Jika memasuki gedung tua ini, pandangan mata akan disuguhkan dengan beberapa fasilitas yang minim. Meskipun demikian para peminat film alternatif dapat menikmatinya, namun terkadang terusik dengan tetesan air hujan yang berasal dari atap bocor. Selain pengap, ruangannya pun tak dilengkapi pendingin ruangan alias AC. Dengan segala keterbatasan penggiat seni ini mencoba bertahan di GKS. Tak seperti gedung kesenian pada umumnya yang memiliki segala fasilitas yang ada sebagai ruang berkesenian. Hanya bermodal semangat dan minat berkarya hingga saat ini para seniman muda memanfaatkan gedung ini sebagai wadah penampung karya mereka. Kemudahan akses gedung ini menjadi pilihan alternatif kawula muda berkesenian sebagai ruang publik bagi mereka. 
Masih banyak bidang-bidang seni dan budaya dikota bengawan ini yang masih terpinggirkan dan seolah keberadaanya hanya menjadi pelengkap. Tak hanya seni visual, beberapa kelompok seni musik, tari dan budaya anak muda seolah masih menjadi “masalah” bagi beberapa kalangan di Solo, meski diakui ataupun tidak, kelompok-kelompok seni ini keberadaanya memang ada di Kota Solo dan telah berhasil membawa nama baik sampai tingkat Internasional.

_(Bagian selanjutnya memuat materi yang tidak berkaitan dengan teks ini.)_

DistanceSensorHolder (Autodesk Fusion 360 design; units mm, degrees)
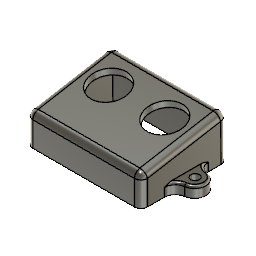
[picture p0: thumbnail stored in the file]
parameter "DistanceEntreCapteur10mm" = 10
parameter "DiametreCapteur16mm" = 16
parameter "LargeurPBC46mm" = 46
parameter "LongueurPBCAvecPin35mm" = 35
parameter "HauteurPBC19mm" = 19
parameter "LongueurPBC21mm" = 21
sketch "Sketch1" plane through (0, 0, 0) normal (1, 0, 0) x axis (0, 1, 0)
  line L1 (20, 14) -> (20, 0)
  line L2 (60, 0) -> (20, 0)
  line L3 (59.838, 20.9391) -> (20, 14)
  line L4 (60, 0) -> (59.838, 20.9391)
extrude "Extrude1" new body sketch "Sketch1" along normal blind 53 (= "LargeurPBC46mm + 7 mm")
shell "Shell1" innerThickness 3
sketch "Sketch2" plane through (0, -1.7778, 10.2067) normal (0, -0.1716, 0.9852) x axis (1, 0, 0)
  line L1 (0, 22.1057) -> (0, 62.5436)
  line L2 (53, 22.1057) -> (0, 22.1057)
  line L3 (53, 62.5436) -> (53, 22.1057)
  line L4 (0, 62.5436) -> (53, 62.5436)
  line L5 (23.7727, 52.0436) -> (23.7727, 62.5436)
  line L6 (26.5, 52.0436) -> (26.5, 55.0363)
  line L7 (31.5, 52.0436) -> (26.5, 52.0436)
  line L8 (21.5, 52.0436) -> (26.5, 52.0436)
  circle C1 centre (39.5, 48.4837) radius 8.25
  circle C2 centre (13.5, 48.4837) radius 8.25
  point P6 (23.7727, 62.5436)
  point P9 (26.5, 52.0436)
  point P10 (31.5, 52.0436)
  coincident L4 P6
  perpendicular L4 L5
  perpendicular L6 L7
  perpendicular L5 L8
  dimension "d15" distance P9 P10 = 5 (= "DistanceEntreCapteur10mm / 2")
sketch "Sketch4" plane through (0, 0, 0) normal (0, 0, -1) x axis (1, 0, 0)
  line L1 (3, -56.9999) -> (50, -56.9999)
  line L2 (3, -23) -> (3, -56.9999)
  line L3 (50, -23) -> (3, -23)
  line L4 (50, -56.9999) -> (50, -23)
  line L5 (0, -60) -> (0, -20)
  line L6 (53, -60) -> (0, -60)
  line L7 (53, -20) -> (53, -60)
  line L8 (0, -20) -> (53, -20)
  line L9 (1, -43) -> (1, -39)
  line L10 (52, -43) -> (52, -39)
  circle C1 centre (-4, -41) radius 2
  circle C2 centre (57, -41) radius 2
  arc A1 centre (-3.2778, -41) radius 4.7222 clockwise from (1, -43) to (1, -39)
  arc A2 centre (56.8, -41) radius 5.2 clockwise from (52, -39) to (52, -43)
  perpendicular L3 L9
  parallel L7 L10
extrude "Extrude3" add sketch "Sketch4" profile of L5 L7 C1 C2 A1 A2 against normal blind 5
sketch "Sketch5" plane through (0, -1.7778, 10.2067) normal (0, -0.1716, 0.9852) x axis (1, 0, 0)
  line L1 (0, 22.1057) -> (0, 62.5436)
  line L2 (53, 22.1057) -> (0, 22.1057)
  line L3 (53, 62.5436) -> (53, 22.1057)
  line L4 (0, 62.5436) -> (53, 62.5436)
  line L5 (53, 47) -> (25.2681, 47)
  line L6 (0, 47) -> (25.2681, 47)
  line L7 (26.5, 47) -> (26.5, 52.3639)
  line L8 (31.5, 47) -> (26.5, 47)
  line L9 (21.5, 47) -> (26.5, 47)
  line L10 (39.5, 47) -> (31.5, 47)
  line L11 (13.5, 47) -> (21.5, 47)
  circle C1 centre (13.5, 47) radius 8.25
  circle C2 centre (39.5, 47) radius 8.25
  point P7 (53, 47)
  point P10 (26.5, 47)
  point P14 (13.5, 47)
  point P15 (13.5, 47)
  point P13 (39.5, 47)
  point P16 (39.5, 47)
  point P11 (31.5, 47)
  point P12 (21.5, 47)
  coincident L3 P7
  perpendicular L3 L5
  coincident L5 P10
  perpendicular L5 L7
  perpendicular L7 L8
  perpendicular L7 L9
  parallel L5 L10
  parallel L6 L11
  coincident P14 P15
  coincident P13 P16
  dimension "d28" distance P10 P11 = 5 (= "DistanceEntreCapteur10mm / 2")
  dimension "d29" distance P10 P12 = 5 (= "DistanceEntreCapteur10mm / 2")
  dimension "d31" distance P11 P13 = 8 (= "DiametreCapteur16mm / 2")
  dimension "d32" distance P12 P14 = 8 (= "DiametreCapteur16mm / 2")
  dimension "d33" diameter C1 = 16.5 (= "DiametreCapteur16mm + 0.5 mm")
  dimension "d34" diameter C2 = 16.5 (= "DiametreCapteur16mm + 0.5 mm")
extrude "Extrude4" cut sketch "Sketch5" profile of L5 L6 L8 L9 L10 L11 C1 C2 against normal blind 3
fillet "Fillet1" radius 3
fillet "Fillet2" radius 3
fillet "Fillet3" radius 3
fillet "Fillet4" radius 3
fillet "Fillet5" radius 5
fillet "Fillet6" radius 5
fillet "Fillet7" radius 5
fillet "Fillet8" radius 5
fillet "Fillet9" radius 1
fillet "Fillet10" radius 1
extrude "Extrude2" cut sketch "Sketch2" profile of C1 C2 against normal blind 3
sketch "Sketch3" plane through (0, 0, 0) normal (0, 0, -1) x axis (1, 0, 0)
  line L1 (3, -56.9999) -> (50, -56.9999)
  line L2 (3, -23) -> (3, -56.9999)
  line L3 (50, -23) -> (3, -23)
  line L4 (50, -56.9999) -> (50, -23)
  line L5 (0, -31.4315) -> (0, -23)
  line L6 (50, -60) -> (3, -60)
  line L7 (53, -51.1292) -> (53, -56.9999)
  line L8 (3, -20) -> (50, -20)
  line L9 (53, -23) -> (53, -30.8708)
  line L10 (0, -56.9999) -> (0, -50.5685)
  circle C1 centre (-3.8235, -39.953) radius 2
  arc A1 centre (-4.0845, -39.953) radius 5.0027 between (-8.7235, -41.8253) and (-8.7235, -38.0806)
  circle C2 centre (-3.8235, -39.953) radius 2
  arc A2 centre (-4.0845, -39.953) radius 5.0027 between (-8.7235, -41.8253) and (-8.7235, -38.0806)
  circle C3 centre (57, -41) radius 2
  circle C4 centre (-4, -41) radius 2
  arc A3 centre (-3.2778, -41) radius 4.7222 clockwise from (-4.1143, -45.6475) to (-4.1143, -36.3525)
  arc A4 centre (56.8, -41) radius 5.2 clockwise from (57.4118, -35.8361) to (57.4118, -46.1639)
  closed curve K1 centre (50, -56.9999)
  arc A5 centre (58, -51.1292) radius 5 clockwise from (53, -51.1292) to (57.4118, -46.1639)
  arc A6 centre (58, -30.8708) radius 5 clockwise from (57.4118, -35.8361) to (53, -30.8708)
  arc A7 centre (50, -23) radius 3 clockwise from (50, -20) to (53, -23)
  arc A8 centre (3, -23) radius 3 clockwise from (0, -23) to (3, -20)
  arc A9 centre (-5, -31.4315) radius 5 clockwise from (0, -31.4315) to (-4.1143, -36.3525)
  arc A10 centre (-5, -50.5685) radius 5 clockwise from (-4.1143, -45.6475) to (0, -50.5685)
  closed curve K2 centre (3, -56.9999)
  dimension "d23" diameter C1 = 4
  dimension "d24" diameter C2 = 4

Dari ketimpangan yang terjadi itulah kemudian Gedung Kesenian Solo (GKS) yang berdiri di bekas gedung Solo Theater Sriwedari mencoba menangkap dan merespon atas munculnya kegiatan-kegiatan kreatif dan dinamika anak muda di Solo.
Keberagaman kegiatan kesenian anak muda merupakan sebuah aset terpendam, untuk itulah GKS diharapkan bisa menjadi ruang untuk berproses dan berkembang secara bersama-sama dalam segala kegiatan khususnya seni berbasis anak muda di Solo. Dalam konsepnya GKS tidak hanya menjadi tempat fisik untuk memajang atau menilai baik-buruknya sebuah karya, namun juga dapat digunakan sebagai ruang sirkulasi antar kreator muda untuk saling berjejaring dengan lintas disiplin ilmu yang berbeda. Program-program yang bermuatan edukasi seperti klinik, workshop, diskusi dan pelatihan seni yang diadakan secara reguler diharapkan akan menjadi tempat belajar alternatif kesenian di Solo, selain itu dengan dibentuknya Pool of Knowledge dalam konteks seni dan budaya anak muda, GKS akan dapat menyediakan sumber-sumber informasi dalam bentuk teks, gambar maupun video yang dapat diakses seluas-luasnya oleh publik.
Ironisnya terdengar santer diluaran rencana pemerintah yang akan merobohkan Gedung Kesenian Solo ini tentunya juga telah merobohkan beberapa harapan anak muda yang semula tidak pernah mendapatkan ruang untuk berproses. Namun mau bagaimana lagi, lambat laun ini akan terjadi. Dan akhirnya gedung ini hanya akan menjadi catatan sejarah yang pernah mewarnai ruang berkesenian di Bengawan ini, seperti sebelumnya gedung yang pernah difungsikan sebagai bioskop Sriwedari dan bioskop Solo Theatre inipun tinggal cerita.